Convolutional deep-learning artificial neural networks

For Russian citation (Opticheskii Zhurnal):

Луцив В.Р. Сверточные искусственные нейронные сети глубокого обучения // Оптический журнал. 2015. Т. 82. № 8. С. 11–23.

 

Lutsiv V.R. Convolutional deep-learning artificial neural networks [in Russian] // Opticheskii Zhurnal. 2015. V. 82. № 8. P. 11–23.

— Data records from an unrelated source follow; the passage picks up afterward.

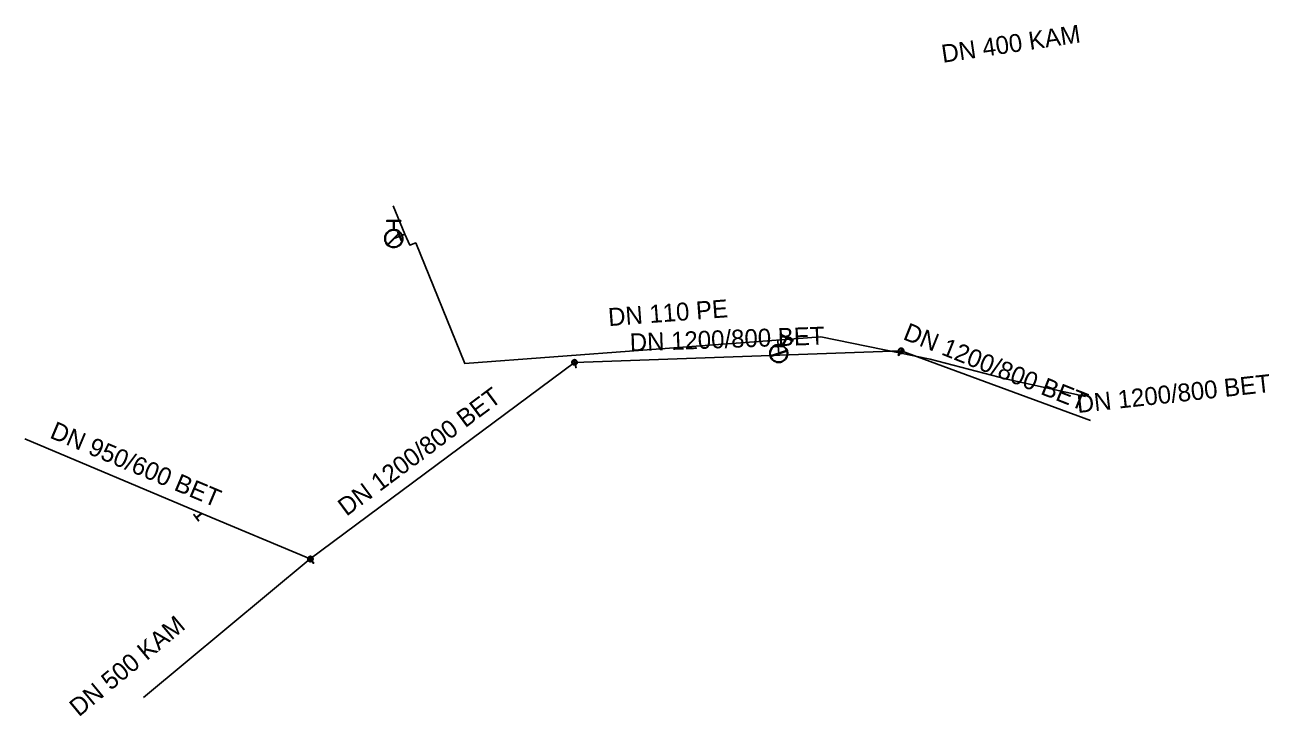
# Model space of a CAD drawing. Extents: x -839599 to -839460, y -1079386 to -1079309.
import ezdxf

# ---------------------------------------------------------------- set-up
doc = ezdxf.new("R2010")
doc.units = 0
for name, color, linetype in [('Hyd-odbočka', 7, 'Continuous'), ('Hyd-šoupě', 7, 'Continuous'), ('Hydrant', 7, 'Continuous'), ('Kanalizace - popis', 7, 'Continuous'), ('Odlehčovací stoka', 7, 'Continuous'), ('Roz-řad', 7, 'Continuous'), ('Roz-řad-popis základní', 7, 'Continuous'), ('Vysazená odbočka', 7, 'Continuous'), ('Šachta kanalizační', 7, 'Continuous')]:
    doc.layers.add(name, color=color, linetype=linetype)

msp = doc.modelspace()

# ---------------------------------------------------------------- linework, layer by layer
at = {"layer": 'Hyd-odbočka'}
for p, q in [((-839557.27, -1079332.27), (-839557.92, -1079332.5)), ((-839556.68, -1079332.03), (-839557.27, -1079332.27)), ((-839515.13, -1079343.84), (-839515.08, -1079344.51)), ((-839515.08, -1079344.51), (-839515.03, -1079345.32))]:
    msp.add_line(p, q, dxfattribs=at)
at = {"layer": 'Hyd-šoupě'}
for points in [[(-839557.09, -1079332.73), (-839557.48, -1079331.81), (-839557.46, -1079331.8), (-839557.06, -1079332.72), (-839557.09, -1079332.73)], [(-839514.58, -1079344.53), (-839515.58, -1079344.53), (-839515.58, -1079344.5), (-839514.58, -1079344.5), (-839514.58, -1079344.53)]]:
    msp.add_lwpolyline(points, dxfattribs=at)
at = {"layer": 'Hydrant'}
for points in [[(-839557.95, -1079331.5), (-839557.95, -1079330.57), (-839558.7, -1079330.57), (-839558.7, -1079330.5), (-839557.14, -1079330.5), (-839557.14, -1079330.57), (-839557.89, -1079330.57), (-839557.89, -1079331.5)], [(-839558.61, -1079333.15), (-839557.28, -1079331.82)], [(-839557.24, -1079331.86), (-839558.56, -1079333.19)], [(-839514.61, -1079344.41), (-839514.19, -1079343.57), (-839514.86, -1079343.23), (-839514.83, -1079343.18), (-839513.43, -1079343.88), (-839513.46, -1079343.93), (-839514.13, -1079343.6), (-839514.55, -1079344.44)], [(-839515.93, -1079345.58), (-839514.15, -1079344.99)], [(-839514.13, -1079345.05), (-839515.91, -1079345.64)]]:
    msp.add_lwpolyline(points, dxfattribs=at)
for points in [[(-839557.89, -1079331.5), (-839557.65, -1079331.51), (-839557.43, -1079331.63), (-839557.19, -1079331.76), (-839557.06, -1079332), (-839556.92, -1079332.24), (-839556.92, -1079332.5), (-839556.92, -1079332.76), (-839557.05, -1079333), (-839557.18, -1079333.24), (-839557.42, -1079333.37), (-839557.66, -1079333.5), (-839557.92, -1079333.5), (-839558.18, -1079333.5), (-839558.42, -1079333.37), (-839558.66, -1079333.24), (-839558.79, -1079333), (-839558.92, -1079332.76), (-839558.92, -1079332.5), (-839558.92, -1079332.24), (-839558.79, -1079332), (-839558.65, -1079331.76), (-839558.41, -1079331.63), (-839558.19, -1079331.51), (-839557.95, -1079331.5)], [(-839557.28, -1079331.82), (-839557.36, -1079331.74), (-839557.46, -1079331.69), (-839557.68, -1079331.57), (-839557.92, -1079331.57), (-839558.16, -1079331.57), (-839558.38, -1079331.69), (-839558.61, -1079331.81), (-839558.73, -1079332.03), (-839558.86, -1079332.26), (-839558.86, -1079332.5), (-839558.86, -1079332.75), (-839558.73, -1079332.97), (-839558.68, -1079333.07), (-839558.61, -1079333.15)], [(-839558.56, -1079333.19), (-839558.49, -1079333.26), (-839558.39, -1079333.32), (-839558.17, -1079333.44), (-839557.92, -1079333.44), (-839557.68, -1079333.44), (-839557.45, -1079333.32), (-839557.23, -1079333.19), (-839557.11, -1079332.97), (-839556.98, -1079332.75), (-839556.98, -1079332.5), (-839556.98, -1079332.26), (-839557.11, -1079332.03), (-839557.17, -1079331.94), (-839557.24, -1079331.86)], [(-839514.55, -1079344.44), (-839514.35, -1079344.55), (-839514.2, -1079344.76), (-839514.04, -1079344.98), (-839514.03, -1079345.25), (-839514.02, -1079345.53), (-839514.13, -1079345.76), (-839514.25, -1079346), (-839514.48, -1079346.15), (-839514.7, -1079346.3), (-839514.97, -1079346.32), (-839515.24, -1079346.33), (-839515.48, -1079346.21), (-839515.71, -1079346.09), (-839515.86, -1079345.87), (-839516.02, -1079345.64), (-839516.03, -1079345.37), (-839516.04, -1079345.1), (-839515.92, -1079344.87), (-839515.81, -1079344.63), (-839515.58, -1079344.48), (-839515.35, -1079344.33), (-839515.08, -1079344.32), (-839514.83, -1079344.31), (-839514.61, -1079344.41)], [(-839514.15, -1079344.99), (-839514.19, -1079344.89), (-839514.25, -1079344.79), (-839514.4, -1079344.58), (-839514.61, -1079344.48), (-839514.82, -1079344.37), (-839515.08, -1079344.38), (-839515.33, -1079344.39), (-839515.54, -1079344.53), (-839515.76, -1079344.68), (-839515.87, -1079344.9), (-839515.98, -1079345.11), (-839515.96, -1079345.37), (-839515.96, -1079345.48), (-839515.93, -1079345.58)], [(-839515.91, -1079345.64), (-839515.87, -1079345.74), (-839515.81, -1079345.83), (-839515.67, -1079346.04), (-839515.45, -1079346.15), (-839515.23, -1079346.26), (-839514.97, -1079346.25), (-839514.72, -1079346.24), (-839514.51, -1079346.1), (-839514.3, -1079345.95), (-839514.19, -1079345.74), (-839514.08, -1079345.52), (-839514.09, -1079345.26), (-839514.1, -1079345.15), (-839514.13, -1079345.05)]]:
    msp.add_open_spline(points, degree=3, dxfattribs=at)
at = {"layer": 'Odlehčovací stoka'}
for p, q in [((-839537.78, -1079346.31), (-839501.39, -1079345.01)), ((-839501.39, -1079345.01), (-839480.28, -1079352.79)), ((-839567.22, -1079368.23), (-839537.78, -1079346.31))]:
    msp.add_line(p, q, dxfattribs=at)
for points in [[(-839599.02, -1079354.85), (-839579.29, -1079363.15), (-839567.22, -1079368.23)], [(-839585.82, -1079383.67), (-839567.22, -1079368.23)]]:
    msp.add_lwpolyline(points, dxfattribs=at)
at = {"layer": 'Roz-řad'}
msp.add_lwpolyline([(-839557.98, -1079328.86), (-839556.68, -1079332.03), (-839556.14, -1079333.23), (-839555.48, -1079332.99), (-839550, -1079346.44), (-839510.34, -1079343.47), (-839498.16, -1079345.94), (-839489.62, -1079348.19), (-839480.83, -1079350.12)], dxfattribs=at)
at = {"layer": 'Vysazená odbočka'}
msp.add_lwpolyline([(-839579.3, -1079363.17), (-839579.9, -1079363.63), (-839579.65, -1079363.97), (-839579.67, -1079363.99), (-839580.2, -1079363.29), (-839580.18, -1079363.27), (-839579.92, -1079363.61), (-839579.31, -1079363.14), (-839579.29, -1079363.15), (-839579.3, -1079363.17)], dxfattribs=at)
at = {"layer": 'Šachta kanalizační'}
for points in [[(-839501.53, -1079345.21), (-839501.29, -1079344.78)], [(-839501.24, -1079344.81), (-839501.49, -1079345.24)], [(-839537.74, -1079346.55), (-839537.88, -1079346.08)], [(-839537.83, -1079346.06), (-839537.69, -1079346.54)], [(-839537.67, -1079346.59), (-839537.59, -1079346.87), (-839537.64, -1079346.89), (-839537.72, -1079346.6)], [(-839501.51, -1079345.28), (-839501.66, -1079345.54), (-839501.71, -1079345.52), (-839501.56, -1079345.26)], [(-839567.09, -1079368.45), (-839567.38, -1079368.05)], [(-839567.34, -1079368.02), (-839567.05, -1079368.42)], [(-839567.02, -1079368.46), (-839566.84, -1079368.7), (-839566.88, -1079368.73), (-839567.06, -1079368.49)]]:
    msp.add_lwpolyline(points, dxfattribs=at)
for points in [[(-839501.56, -1079345.26), (-839501.61, -1079345.22), (-839501.65, -1079345.16), (-839501.69, -1079345.09), (-839501.69, -1079345.01), (-839501.69, -1079344.93), (-839501.65, -1079344.86), (-839501.61, -1079344.79), (-839501.54, -1079344.75), (-839501.47, -1079344.71), (-839501.39, -1079344.71), (-839501.31, -1079344.71), (-839501.24, -1079344.75), (-839501.17, -1079344.79), (-839501.13, -1079344.86), (-839501.09, -1079344.92), (-839501.09, -1079345.01), (-839501.09, -1079345.09), (-839501.13, -1079345.16), (-839501.17, -1079345.23), (-839501.24, -1079345.27), (-839501.31, -1079345.31), (-839501.39, -1079345.31), (-839501.46, -1079345.31), (-839501.51, -1079345.28)], [(-839501.29, -1079344.78), (-839501.33, -1079344.76), (-839501.39, -1079344.76), (-839501.46, -1079344.76), (-839501.51, -1079344.79), (-839501.57, -1079344.83), (-839501.61, -1079344.89), (-839501.64, -1079344.94), (-839501.64, -1079345.01), (-839501.64, -1079345.08), (-839501.6, -1079345.14), (-839501.57, -1079345.19), (-839501.53, -1079345.21)], [(-839501.49, -1079345.24), (-839501.44, -1079345.26), (-839501.39, -1079345.26), (-839501.32, -1079345.26), (-839501.26, -1079345.23), (-839501.2, -1079345.19), (-839501.17, -1079345.13), (-839501.14, -1079345.08), (-839501.14, -1079345.01), (-839501.14, -1079344.94), (-839501.17, -1079344.88), (-839501.2, -1079344.83), (-839501.24, -1079344.81)], [(-839537.72, -1079346.6), (-839537.78, -1079346.61), (-839537.85, -1079346.6), (-839537.93, -1079346.58), (-839537.99, -1079346.52), (-839538.05, -1079346.47), (-839538.07, -1079346.39), (-839538.09, -1079346.32), (-839538.08, -1079346.24), (-839538.06, -1079346.16), (-839538, -1079346.1), (-839537.94, -1079346.04), (-839537.87, -1079346.02), (-839537.8, -1079346), (-839537.72, -1079346.01), (-839537.64, -1079346.03), (-839537.58, -1079346.09), (-839537.52, -1079346.15), (-839537.5, -1079346.22), (-839537.47, -1079346.3), (-839537.49, -1079346.38), (-839537.51, -1079346.46), (-839537.57, -1079346.51), (-839537.62, -1079346.57), (-839537.67, -1079346.59)], [(-839537.88, -1079346.08), (-839537.92, -1079346.09), (-839537.97, -1079346.13), (-839538.01, -1079346.18), (-839538.03, -1079346.25), (-839538.04, -1079346.32), (-839538.02, -1079346.38), (-839538.01, -1079346.44), (-839537.96, -1079346.49), (-839537.91, -1079346.54), (-839537.84, -1079346.55), (-839537.78, -1079346.56), (-839537.74, -1079346.55)], [(-839537.69, -1079346.54), (-839537.64, -1079346.52), (-839537.6, -1079346.48), (-839537.55, -1079346.43), (-839537.54, -1079346.36), (-839537.53, -1079346.3), (-839537.54, -1079346.24), (-839537.56, -1079346.17), (-839537.61, -1079346.13), (-839537.66, -1079346.08), (-839537.73, -1079346.06), (-839537.79, -1079346.05), (-839537.83, -1079346.06)], [(-839567.06, -1079368.49), (-839567.11, -1079368.52), (-839567.18, -1079368.53), (-839567.26, -1079368.54), (-839567.34, -1079368.51), (-839567.41, -1079368.47), (-839567.46, -1079368.41), (-839567.5, -1079368.35), (-839567.51, -1079368.27), (-839567.52, -1079368.18), (-839567.49, -1079368.11), (-839567.46, -1079368.04), (-839567.39, -1079367.99), (-839567.33, -1079367.95), (-839567.25, -1079367.93), (-839567.17, -1079367.92), (-839567.1, -1079367.96), (-839567.02, -1079367.99), (-839566.98, -1079368.05), (-839566.93, -1079368.11), (-839566.92, -1079368.2), (-839566.91, -1079368.28), (-839566.94, -1079368.35), (-839566.97, -1079368.42), (-839567.02, -1079368.46)], [(-839567.38, -1079368.05), (-839567.42, -1079368.08), (-839567.44, -1079368.13), (-839567.47, -1079368.19), (-839567.46, -1079368.26), (-839567.46, -1079368.33), (-839567.42, -1079368.38), (-839567.38, -1079368.43), (-839567.32, -1079368.46), (-839567.25, -1079368.49), (-839567.19, -1079368.48), (-839567.13, -1079368.47), (-839567.09, -1079368.45)], [(-839567.05, -1079368.42), (-839567.01, -1079368.38), (-839566.99, -1079368.33), (-839566.96, -1079368.27), (-839566.97, -1079368.2), (-839566.98, -1079368.13), (-839567.02, -1079368.08), (-839567.05, -1079368.03), (-839567.12, -1079368), (-839567.18, -1079367.97), (-839567.25, -1079367.98), (-839567.3, -1079367.99), (-839567.34, -1079368.02)]]:
    msp.add_open_spline(points, degree=3, dxfattribs=at)

# ---------------------------------------------------------------- texts
at = {"layer": 'Kanalizace - popis'}
for s, rotation, p in [('DN 400 KAM', 8.4375, (-839496.74, -1079312.91)), ('DN 1200/800 BET', 2.0425, (-839531.59, -1079345.09)), ('DN 1200/800 BET', 338.2647, (-839501.29, -1079343.7)), ('DN 1200/800 BET', 6.2429, (-839481.71, -1079351.96)), ('DN 1200/800 BET', 36.683, (-839563.19, -1079363.53)), ('DN 950/600 BET', 337.1802, (-839596.36, -1079354.68)), ('DN 500 KAM', 39.6861, (-839593.01, -1079385.9))]:
    msp.add_text(s, height=2, rotation=rotation, dxfattribs=at).set_placement(p)
at = {"layer": 'Roz-řad-popis základní'}
msp.add_text('DN 110 PE', height=2, rotation=4.2864, dxfattribs=at).set_placement((-839533.96, -1079342.27))

doc.saveas('drawing.dxf')

For citation (Journal of Optical Technology):

V. P. Lutsiv, "Convolutional deep-learning artificial neural networks," Journal of Optical Technology. 82(8), 499-508 (2015). https://doi.org/10.1364/JOT.82.000499

Abstract:

This paper discusses the history of the appearance and development of the concept of convolutional artificial neural networks, which, because they use a learning technology based on back-propagation of the error signal, have become one of the most efficient tools of automatic image classification. Along with the possibilities of modern convolutional neural networks in the area of shape classification of objects, the features of their use in analyzing the information of other hierarchical levels have also been analyzed—from the classification of textures to the structural decomposition of images, based on the formation of attention zones. Convolutional networks are considered in close association with a description of their natural analogs, found in the neural ensembles of living visual systems.

Keywords:

artificial neural network, convolutional network, deep-learning network, image classification, structural analysis

Acknowledgements:

This work was carried out with the support of the Ministry of Education and Science of the Russian Federation and with the partial state support of the leading universities of the Russian Federation (Subsidy 074-U01).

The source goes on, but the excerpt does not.